Output the entries below word for word, stopping once the line containing "for name, color, linetype, lineweight" is done, and omit each picture.
• • • •
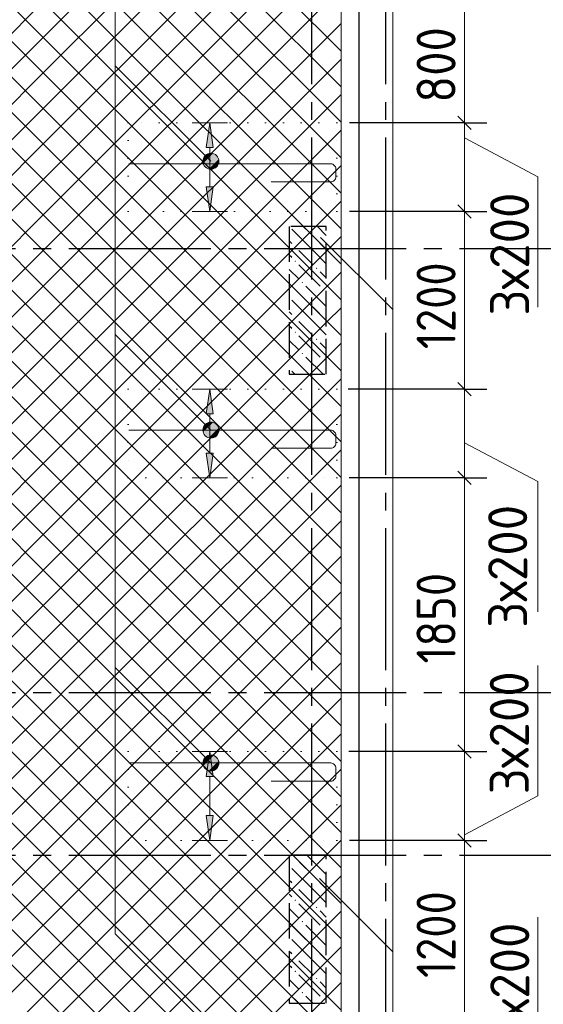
# Model space of a CAD drawing. Header units: millimetres. Extents: x 0 to 50400, y 0 to 35640.
# Tile 22 of 25: x 38093 to 41631, y 20154 to 26809. Entities that reach past the tile are written whole.
import ezdxf

# ---------------------------------------------------------------- set-up
doc = ezdxf.new("R2010")
doc.units = ezdxf.units.MM
for name, pattern in [('______2', [324, 240, -84]), ('______5', [1320, 960, -120, 120, -120]), ('______9', [120, 0, -120])]:
    doc.linetypes.add(name, pattern=pattern)
for name, color, linetype, lineweight in [('Standard', 7, 'Continuous', 25), ('ДОП Верх по Х', 7, 'Continuous', 25), ('ЖБ Перекрытие верхний уровень', 7, 'Continuous', 35), ('ЖБ Пилон', 7, 'Continuous', 35), ('Общий01', 7, 'Continuous', 13), ('Позиционная метка номер позиции', 7, 'Continuous', 13), ('Размерная линия_ общее', 7, 'Continuous', 13), ('Тени', 7, 'Continuous', 13)]:
    doc.layers.add(name, color=color, linetype=linetype, lineweight=lineweight)
doc.layers.add('Оси', color=7, linetype='______5', true_color=0x656565)
doc.styles.add('ISOCPEUR', font='txt')

msp = doc.modelspace()

# ---------------------------------------------------------------- hatches: boundary and pattern name
at = {"layer": 'ДОП Верх по Х', "linetype": 'Continuous', "lineweight": 13, "transparency": 33554687}
for points in [[(39401.6, 25944.4), (39377.6, 26112.4), (39353.6, 25944.4)], [(39401.6, 24144.4), (39377.6, 24312.4), (39353.6, 24144.4)], [(39401.6, 21694.4), (39377.6, 21862.4), (39353.6, 21694.4)]]:
    msp.add_hatch(color=7, dxfattribs=at).paths.add_polyline_path(points)
for points in [[(39401.6, 25680.4), (39377.6, 25512.4), (39353.6, 25680.4)], [(39401.6, 23880.4), (39377.6, 23712.4), (39353.6, 23880.4)], [(39401.6, 21430.4), (39377.6, 21262.4), (39353.6, 21430.4)]]:
    msp.add_hatch(color=7, dxfattribs=at).paths.add_polyline_path(points, flags=16)
at = {"layer": 'ЖБ Пилон', "linetype": 'Continuous', "lineweight": -3, "transparency": 33554687}
for points in [[(40046.8, 25369.3), (40051.6, 25374.1), (40056.4, 25369.3), (40051.6, 25364.5)], [(39950.8, 25273.3), (39955.6, 25278.1), (39960.4, 25273.3), (39955.6, 25268.5)], [(39950.8, 25177.3), (39955.6, 25182.1), (39960.4, 25177.3), (39955.6, 25172.5)], [(40094.8, 25129.3), (40099.6, 25134.1), (40104.4, 25129.3), (40099.6, 25124.5)], [(39998.8, 25033.3), (40003.6, 25038.1), (40008.4, 25033.3), (40003.6, 25028.5)], [(40142.8, 24985.3), (40147.6, 24990.1), (40152.4, 24985.3), (40147.6, 24980.5)], [(40046.8, 24889.3), (40051.6, 24894.1), (40056.4, 24889.3), (40051.6, 24884.5)], [(39950.8, 24793.3), (39955.6, 24798.1), (39960.4, 24793.3), (39955.6, 24788.5)], [(39950.8, 24697.3), (39955.6, 24702.1), (39960.4, 24697.3), (39955.6, 24692.5)], [(40094.8, 24649.3), (40099.6, 24654.1), (40104.4, 24649.3), (40099.6, 24644.5)], [(39998.8, 24553.3), (40003.6, 24558.1), (40008.4, 24553.3), (40003.6, 24548.5)], [(40142.8, 24505.3), (40147.6, 24510.1), (40152.4, 24505.3), (40147.6, 24500.5)], [(40049.9, 24412.4), (40051.6, 24414.1), (40053.3, 24412.4)], [(40142.8, 21145.3), (40147.6, 21150.1), (40152.4, 21145.3), (40147.6, 21140.5)], [(40046.8, 21049.3), (40051.6, 21054.1), (40056.4, 21049.3), (40051.6, 21044.5)], [(39950.8, 20953.3), (39955.6, 20958.1), (39960.4, 20953.3), (39955.6, 20948.5)], [(39950.8, 20857.3), (39955.6, 20862.1), (39960.4, 20857.3), (39955.6, 20852.5)], [(40094.8, 20809.3), (40099.6, 20814.1), (40104.4, 20809.3), (40099.6, 20804.5)], [(39998.8, 20713.3), (40003.6, 20718.1), (40008.4, 20713.3), (40003.6, 20708.5)], [(40142.8, 20665.3), (40147.6, 20670.1), (40152.4, 20665.3), (40147.6, 20660.5)], [(40046.8, 20569.3), (40051.6, 20574.1), (40056.4, 20569.3), (40051.6, 20564.5)], [(39950.8, 20473.3), (39955.6, 20478.1), (39960.4, 20473.3), (39955.6, 20468.5)], [(39950.8, 20377.3), (39955.6, 20382.1), (39960.4, 20377.3), (39955.6, 20372.5)], [(40094.8, 20329.3), (40099.6, 20334.1), (40104.4, 20329.3), (40099.6, 20324.5)], [(39998.8, 20233.3), (40003.6, 20238.1), (40008.4, 20233.3), (40003.6, 20228.5)], [(40142.8, 20185.3), (40147.6, 20190.1), (40152.4, 20185.3), (40147.6, 20180.5)]]:
    msp.add_hatch(color=7, dxfattribs=at).paths.add_polyline_path(points, flags=16)
at = {"layer": 'Позиционная метка номер позиции', "linetype": 'Continuous', "lineweight": 13, "transparency": 33554687}
for points in [[(39346.9, 25814.2), (39398.9, 25904.3), (39333.2, 25838.6)], [(39333.2, 25838.6), (39398.9, 25904.3), (39371.4, 25904.3)], [(39333.2, 25838.6), (39371.4, 25904.3), (39333.2, 25866.1)], [(39333.2, 25866.1), (39371.4, 25904.3), (39346.9, 25890.6)], [(39346.9, 25814.2), (39423.3, 25890.6), (39398.9, 25904.3)], [(39371.4, 25800.5), (39423.3, 25890.6), (39346.9, 25814.2)], [(39371.4, 25800.5), (39437, 25866.1), (39423.3, 25890.6)], [(39398.9, 25800.5), (39437, 25866.1), (39371.4, 25800.5)], [(39398.9, 25800.5), (39437, 25838.6), (39437, 25866.1)], [(39437, 25838.6), (39398.9, 25800.5), (39423.3, 25814.2)], [(39346.9, 23997.2), (39398.9, 24087.3), (39333.2, 24021.7)], [(39333.2, 24021.7), (39398.9, 24087.3), (39371.4, 24087.3)], [(39333.2, 24021.7), (39371.4, 24087.3), (39333.2, 24049.1)], [(39333.2, 24049.1), (39371.4, 24087.3), (39346.9, 24073.6)], [(39346.9, 23997.2), (39423.3, 24073.6), (39398.9, 24087.3)], [(39371.4, 23983.5), (39423.3, 24073.6), (39346.9, 23997.2)], [(39371.4, 23983.5), (39437, 24049.1), (39423.3, 24073.6)], [(39398.9, 23983.5), (39437, 24049.1), (39371.4, 23983.5)], [(39398.9, 23983.5), (39437, 24021.7), (39437, 24049.1)], [(39437, 24021.7), (39398.9, 23983.5), (39423.3, 23997.2)], [(39346.9, 21747.2), (39398.9, 21837.3), (39333.2, 21771.7)], [(39333.2, 21771.7), (39398.9, 21837.3), (39371.4, 21837.3)], [(39333.2, 21771.7), (39371.4, 21837.3), (39333.2, 21799.1)], [(39333.2, 21799.1), (39371.4, 21837.3), (39346.9, 21823.6)], [(39346.9, 21747.2), (39423.3, 21823.6), (39398.9, 21837.3)], [(39371.4, 21733.5), (39423.3, 21823.6), (39346.9, 21747.2)], [(39371.4, 21733.5), (39437, 21799.1), (39423.3, 21823.6)], [(39398.9, 21733.5), (39437, 21799.1), (39371.4, 21733.5)], [(39398.9, 21733.5), (39437, 21771.7), (39437, 21799.1)], [(39437, 21771.7), (39398.9, 21733.5), (39423.3, 21747.2)]]:
    msp.add_hatch(color=7, dxfattribs=at).paths.add_polyline_path(points)

# ---------------------------------------------------------------- linework, layer by layer
at = {"layer": 'Standard', "color": 254, "linetype": 'Continuous', "lineweight": -3, "true_color": 0xc4c4ff, "transparency": 33554687}
msp.add_lwpolyline([(7965.1, 10212.4), (40388.1, 10212.4), (40388.1, 32712.4), (7965.1, 32712.4), (7965.1, 10212.4)], dxfattribs=at)
at = {"layer": 'ДОП Верх по Х', "color": 251, "linetype": 'Continuous', "lineweight": 13, "true_color": 0x494949, "transparency": 33554687}
for p, q in [((39377.6, 26112.4), (39257.6, 26112.4)), ((39377.6, 26112.4), (39353.6, 25944.4)), ((39401.6, 25944.4), (39377.6, 26112.4)), ((39377.6, 26112.4), (39497.6, 26112.4)), ((39377.6, 26112.4), (39377.6, 26112.4)), ((39353.6, 25944.4), (39401.6, 25944.4)), ((39377.6, 25680.4), (39377.6, 25944.4)), ((39377.6, 25512.4), (39353.6, 25680.4)), ((39353.6, 25680.4), (39401.6, 25680.4)), ((39401.6, 25680.4), (39377.6, 25512.4)), ((39377.6, 25512.4), (39257.6, 25512.4)), ((39377.6, 25512.4), (39497.6, 25512.4)), ((39377.6, 25512.4), (39377.6, 25512.4)), ((39377.6, 24312.4), (39257.6, 24312.4)), ((39377.6, 24312.4), (39353.6, 24144.4)), ((39401.6, 24144.4), (39377.6, 24312.4)), ((39377.6, 24312.4), (39497.6, 24312.4)), ((39377.6, 24312.4), (39377.6, 24312.4)), ((39353.6, 24144.4), (39401.6, 24144.4)), ((39377.6, 23880.4), (39377.6, 24144.4)), ((39377.6, 23712.4), (39353.6, 23880.4)), ((39353.6, 23880.4), (39401.6, 23880.4)), ((39401.6, 23880.4), (39377.6, 23712.4)), ((39377.6, 23712.4), (39257.6, 23712.4)), ((39377.6, 23712.4), (39497.6, 23712.4)), ((39377.6, 23712.4), (39377.6, 23712.4)), ((39377.6, 21862.4), (39257.6, 21862.4)), ((39377.6, 21862.4), (39353.6, 21694.4)), ((39401.6, 21694.4), (39377.6, 21862.4)), ((39377.6, 21862.4), (39497.6, 21862.4)), ((39377.6, 21862.4), (39377.6, 21862.4)), ((39353.6, 21694.4), (39401.6, 21694.4)), ((39377.6, 21430.4), (39377.6, 21694.4)), ((39377.6, 21262.4), (39353.6, 21430.4)), ((39353.6, 21430.4), (39401.6, 21430.4)), ((39401.6, 21430.4), (39377.6, 21262.4)), ((39377.6, 21262.4), (39257.6, 21262.4)), ((39377.6, 21262.4), (39497.6, 21262.4)), ((39377.6, 21262.4), (39377.6, 21262.4))]:
    msp.add_line(p, q, dxfattribs=at)
at = {"layer": 'ДОП Верх по Х', "color": 7, "linetype": 'Continuous', "lineweight": 18, "transparency": 33554687}
for points in [[(39791.7, 25712.4), (40195.3, 25712.4), (40201.7, 25713.3), (40208.2, 25715.4), (40214.3, 25718.8), (40219.2, 25722.9), (40223.3, 25727.9), (40226.7, 25733.9), (40228.9, 25740.5), (40229.7, 25746.8), (40229.7, 25801), (40228.9, 25807.3), (40226.7, 25813.9), (40223.3, 25819.9), (40219.2, 25824.8), (40214.3, 25829), (40208.2, 25832.4), (40201.7, 25834.5), (40195.3, 25835.4), (38831.1, 25835.4)], [(39791.7, 23912.4), (40195.3, 23912.4), (40201.7, 23913.3), (40208.2, 23915.4), (40214.3, 23918.8), (40219.2, 23922.9), (40223.3, 23927.9), (40226.7, 23933.9), (40228.9, 23940.5), (40229.7, 23946.8), (40229.7, 24001), (40228.9, 24007.3), (40226.7, 24013.9), (40223.3, 24019.9), (40219.2, 24024.8), (40214.3, 24029), (40208.2, 24032.4), (40201.7, 24034.5), (40195.3, 24035.4), (38831.1, 24035.4)], [(39791.7, 21662.4), (40195.3, 21662.4), (40201.7, 21663.3), (40208.2, 21665.4), (40214.3, 21668.8), (40219.2, 21672.9), (40223.3, 21677.9), (40226.7, 21683.9), (40228.9, 21690.5), (40229.7, 21696.8), (40229.7, 21751), (40228.9, 21757.3), (40226.7, 21763.9), (40223.3, 21769.9), (40219.2, 21774.9), (40214.3, 21779), (40208.2, 21782.3), (40201.7, 21784.5), (40195.3, 21785.4), (38831.1, 21785.4)]]:
    msp.add_lwpolyline(points, dxfattribs=at)
at = {"layer": 'ЖБ Перекрытие верхний уровень', "color": 7, "linetype": 'Continuous', "lineweight": 18, "transparency": 33554687}
msp.add_line((40265.1, 10312.4), (40265.1, 32612.4), dxfattribs=at)
at = {"layer": 'ЖБ Перекрытие верхний уровень', "color": 254, "linetype": 'Continuous', "lineweight": 18, "transparency": 33554687}
for p, q in [((35851.6, 27169.3), (38251.6, 24769.3)), ((36091.6, 27169.3), (38251.6, 25009.3)), ((36331.6, 27169.3), (38251.6, 25249.3)), ((36571.6, 27169.3), (38251.6, 25489.3)), ((36811.6, 27169.3), (38251.6, 25729.3)), ((37051.6, 27169.3), (38251.6, 25969.3)), ((37291.6, 27169.3), (38251.6, 26209.3)), ((37531.6, 27169.3), (38251.6, 26449.3)), ((37771.6, 27169.3), (38251.6, 26689.3)), ((38251.6, 26689.3), (38731.6, 27169.3)), ((38251.6, 26449.3), (38971.6, 27169.3)), ((38251.6, 26209.3), (39211.6, 27169.3)), ((38251.6, 25969.3), (39451.6, 27169.3)), ((38251.6, 25729.3), (39691.6, 27169.3)), ((38251.6, 25489.3), (39931.6, 27169.3)), ((38251.6, 25249.3), (40171.6, 27169.3)), ((38251.6, 27169.3), (40265.1, 25155.8)), ((38491.6, 27169.3), (40265.1, 25395.8)), ((38731.6, 27169.3), (40265.1, 25635.8)), ((38971.6, 27169.3), (40265.1, 25875.8)), ((39211.6, 27169.3), (40265.1, 26115.8)), ((39451.6, 27169.3), (40265.1, 26355.8)), ((39691.6, 27169.3), (40265.1, 26595.8)), ((38251.6, 25009.3), (40265.1, 27022.8)), ((36091.6, 24769.3), (38251.6, 26929.3)), ((38251.6, 26929.3), (40265.1, 24915.8)), ((38251.6, 24769.3), (40265.1, 26782.8)), ((36331.6, 24769.3), (38251.6, 26689.3)), ((38251.6, 26689.3), (40171.6, 24769.3)), ((38491.6, 24769.3), (40265.1, 26542.8)), ((36571.6, 24769.3), (38251.6, 26449.3)), ((38251.6, 26449.3), (39931.6, 24769.3)), ((38731.6, 24769.3), (40265.1, 26302.8)), ((36811.6, 24769.3), (38251.6, 26209.3)), ((38251.6, 26209.3), (39691.6, 24769.3)), ((38971.6, 24769.3), (40265.1, 26062.8)), ((37051.6, 24769.3), (38251.6, 25969.3)), ((38251.6, 25969.3), (39451.6, 24769.3)), ((39211.6, 24769.3), (40265.1, 25822.8)), ((37291.6, 24769.3), (38251.6, 25729.3)), ((38251.6, 25729.3), (39211.6, 24769.3)), ((39451.6, 24769.3), (40265.1, 25582.8)), ((37531.6, 24769.3), (38251.6, 25489.3)), ((38251.6, 25489.3), (38971.6, 24769.3)), ((39691.6, 24769.3), (40265.1, 25342.8)), ((37771.6, 24769.3), (38251.6, 25249.3)), ((38251.6, 25249.3), (38731.6, 24769.3)), ((39931.6, 24769.3), (40265.1, 25102.8)), ((38011.6, 24769.3), (38251.6, 25009.3)), ((38251.6, 25009.3), (38491.6, 24769.3)), ((40171.6, 24769.3), (40265.1, 24862.8)), ((36091.6, 24769.3), (38251.6, 22609.3)), ((36331.6, 24769.3), (38251.6, 22849.3)), ((36571.6, 24769.3), (38251.6, 23089.3)), ((36811.6, 24769.3), (38251.6, 23329.3)), ((37051.6, 24769.3), (38251.6, 23569.3)), ((37291.6, 24769.3), (38251.6, 23809.3)), ((37531.6, 24769.3), (38251.6, 24049.3)), ((37771.6, 24769.3), (38251.6, 24289.3)), ((38011.6, 24769.3), (38251.6, 24529.3)), ((38251.6, 24529.3), (38491.6, 24769.3)), ((38251.6, 24289.3), (38731.6, 24769.3)), ((38251.6, 24049.3), (38971.6, 24769.3)), ((38251.6, 23809.3), (39211.6, 24769.3)), ((38251.6, 23569.3), (39451.6, 24769.3)), ((38251.6, 23329.3), (39691.6, 24769.3)), ((38251.6, 23089.3), (39931.6, 24769.3)), ((38251.6, 22849.3), (40171.6, 24769.3)), ((38251.6, 24769.3), (40265.1, 22755.8)), ((38491.6, 24769.3), (40265.1, 22995.8)), ((38731.6, 24769.3), (40265.1, 23235.8)), ((38971.6, 24769.3), (40265.1, 23475.8)), ((39211.6, 24769.3), (40265.1, 23715.8)), ((39451.6, 24769.3), (40265.1, 23955.8)), ((39691.6, 24769.3), (40265.1, 24195.8)), ((39931.6, 24769.3), (40265.1, 24435.8)), ((40171.6, 24769.3), (40265.1, 24675.8)), ((38251.6, 22609.3), (40265.1, 24622.8)), ((38251.6, 24529.3), (40265.1, 22515.8)), ((38251.6, 22369.3), (40265.1, 24382.8)), ((38251.6, 24289.3), (40171.6, 22369.3)), ((38491.6, 22369.3), (40265.1, 24142.8)), ((38251.6, 24049.3), (39931.6, 22369.3)), ((38731.6, 22369.3), (40265.1, 23902.8)), ((36811.6, 22369.3), (38251.6, 23809.3)), ((38251.6, 23809.3), (39691.6, 22369.3)), ((38971.6, 22369.3), (40265.1, 23662.8)), ((37051.6, 22369.3), (38251.6, 23569.3)), ((38251.6, 23569.3), (39451.6, 22369.3)), ((39211.6, 22369.3), (40265.1, 23422.8)), ((37291.6, 22369.3), (38251.6, 23329.3)), ((38251.6, 23329.3), (39211.6, 22369.3)), ((39451.6, 22369.3), (40265.1, 23182.8)), ((37531.6, 22369.3), (38251.6, 23089.3)), ((38251.6, 23089.3), (38971.6, 22369.3)), ((39691.6, 22369.3), (40265.1, 22942.8)), ((37771.6, 22369.3), (38251.6, 22849.3)), ((38251.6, 22849.3), (38731.6, 22369.3)), ((39931.6, 22369.3), (40265.1, 22702.8)), ((38011.6, 22369.3), (38251.6, 22609.3)), ((38251.6, 22609.3), (38491.6, 22369.3)), ((40171.6, 22369.3), (40265.1, 22462.8)), ((36811.6, 22369.3), (38251.6, 20929.3)), ((37051.6, 22369.3), (38251.6, 21169.3)), ((37291.6, 22369.3), (38251.6, 21409.3)), ((37531.6, 22369.3), (38251.6, 21649.3)), ((37771.6, 22369.3), (38251.6, 21889.3)), ((38011.6, 22369.3), (38251.6, 22129.3)), ((38251.6, 22129.3), (38491.6, 22369.3)), ((38251.6, 21889.3), (38731.6, 22369.3)), ((38251.6, 21649.3), (38971.6, 22369.3)), ((38251.6, 21409.3), (39211.6, 22369.3)), ((38251.6, 21169.3), (39451.6, 22369.3)), ((38251.6, 20929.3), (39691.6, 22369.3)), ((38251.6, 20689.3), (39931.6, 22369.3)), ((38251.6, 20449.3), (40171.6, 22369.3)), ((38251.6, 22369.3), (40265.1, 20355.8)), ((38491.6, 22369.3), (40265.1, 20595.8)), ((38731.6, 22369.3), (40265.1, 20835.8)), ((38971.6, 22369.3), (40265.1, 21075.8)), ((39211.6, 22369.3), (40265.1, 21315.8)), ((39451.6, 22369.3), (40265.1, 21555.8)), ((39691.6, 22369.3), (40265.1, 21795.8)), ((39931.6, 22369.3), (40265.1, 22035.8)), ((40171.6, 22369.3), (40265.1, 22275.8)), ((38251.6, 20209.3), (40265.1, 22222.8)), ((38251.6, 22129.3), (40265.1, 20115.8)), ((38251.6, 19969.3), (40265.1, 21982.8)), ((38251.6, 21889.3), (40171.6, 19969.3)), ((38491.6, 19969.3), (40265.1, 21742.8)), ((38251.6, 21649.3), (39931.6, 19969.3)), ((38731.6, 19969.3), (40265.1, 21502.8)), ((38251.6, 21409.3), (39691.6, 19969.3)), ((38971.6, 19969.3), (40265.1, 21262.8)), ((38251.6, 21169.3), (39451.6, 19969.3)), ((39211.6, 19969.3), (40265.1, 21022.8)), ((38251.6, 20929.3), (39211.6, 19969.3)), ((39451.6, 19969.3), (40265.1, 20782.8)), ((38251.6, 20689.3), (38971.6, 19969.3)), ((39691.6, 19969.3), (40265.1, 20542.8)), ((37771.6, 19969.3), (38251.6, 20449.3)), ((38251.6, 20449.3), (38731.6, 19969.3)), ((39931.6, 19969.3), (40265.1, 20302.8)), ((38011.6, 19969.3), (38251.6, 20209.3)), ((38251.6, 20209.3), (38491.6, 19969.3))]:
    msp.add_line(p, q, dxfattribs=at)
for points in [[(35851.6, 22369.3), (36582.3, 23100), (36582.3, 23100), (38251.6, 24769.3)], [(35851.6, 24769.3), (36167.1, 24453.8), (36167.1, 24453.8), (38251.6, 22369.3)], [(36091.6, 22369.3), (36638.6, 22916.3), (36638.6, 22916.3), (38251.6, 24529.3)], [(36331.6, 22369.3), (36694.9, 22732.6), (36694.9, 22732.6), (38251.6, 24289.3)], [(36571.6, 22369.3), (36751.3, 22549), (36751.3, 22549), (38251.6, 24049.3)], [(35851.6, 19969.3), (37145.6, 21263.3), (37145.6, 21263.3), (38251.6, 22369.3)], [(36091.6, 22369.3), (37122.6, 21338.3), (37122.6, 21338.3), (38251.6, 20209.3)], [(36331.6, 22369.3), (37016.4, 21684.5), (37016.4, 21684.5), (38251.6, 20449.3)], [(36571.6, 22369.3), (36910.2, 22030.7), (36910.2, 22030.7), (38251.6, 20689.3)], [(36091.6, 19969.3), (37201.9, 21079.6), (37201.9, 21079.6), (38251.6, 22129.3)], [(36331.6, 19969.3), (37258.2, 20895.9), (37258.2, 20895.9), (38251.6, 21889.3)], [(36571.6, 19969.3), (37314.6, 20712.3), (37314.6, 20712.3), (38251.6, 21649.3)], [(36811.6, 19969.3), (37370.9, 20528.6), (37370.9, 20528.6), (38251.6, 21409.3)], [(37051.6, 19969.3), (37427.2, 20344.9), (37427.2, 20344.9), (38251.6, 21169.3)], [(37291.6, 19969.3), (37483.5, 20161.3), (37483.5, 20161.3), (38251.6, 20929.3)], [(37531.6, 19969.3), (37539.9, 19977.6), (37539.9, 19977.6), (38251.6, 20689.3)]]:
    msp.add_lwpolyline(points, dxfattribs=at)
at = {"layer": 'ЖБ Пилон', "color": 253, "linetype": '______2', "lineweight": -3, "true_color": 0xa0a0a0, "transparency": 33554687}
• • • •
▶ [Final answer]:
# Model space of a CAD drawing. Header units: millimetres. Extents: x 0 to 50400, y 0 to 35640.
# Tile 22 of 25: x 38093 to 41631, y 20154 to 26809. Entities that reach past the tile are written whole.
import ezdxf

# ---------------------------------------------------------------- set-up
doc = ezdxf.new("R2010")
doc.units = ezdxf.units.MM
for name, pattern in [('______2', [324, 240, -84]), ('______5', [1320, 960, -120, 120, -120]), ('______9', [120, 0, -120])]:
    doc.linetypes.add(name, pattern=pattern)
for name, color, linetype, lineweight in [('Standard', 7, 'Continuous', 25), ('ДОП Верх по Х', 7, 'Continuous', 25), ('ЖБ Перекрытие верхний уровень', 7, 'Continuous', 35), ('ЖБ Пилон', 7, 'Continuous', 35), ('Общий01', 7, 'Continuous', 13), ('Позиционная метка номер позиции', 7, 'Continuous', 13), ('Размерная линия_ общее', 7, 'Continuous', 13), ('Тени', 7, 'Continuous', 13)]:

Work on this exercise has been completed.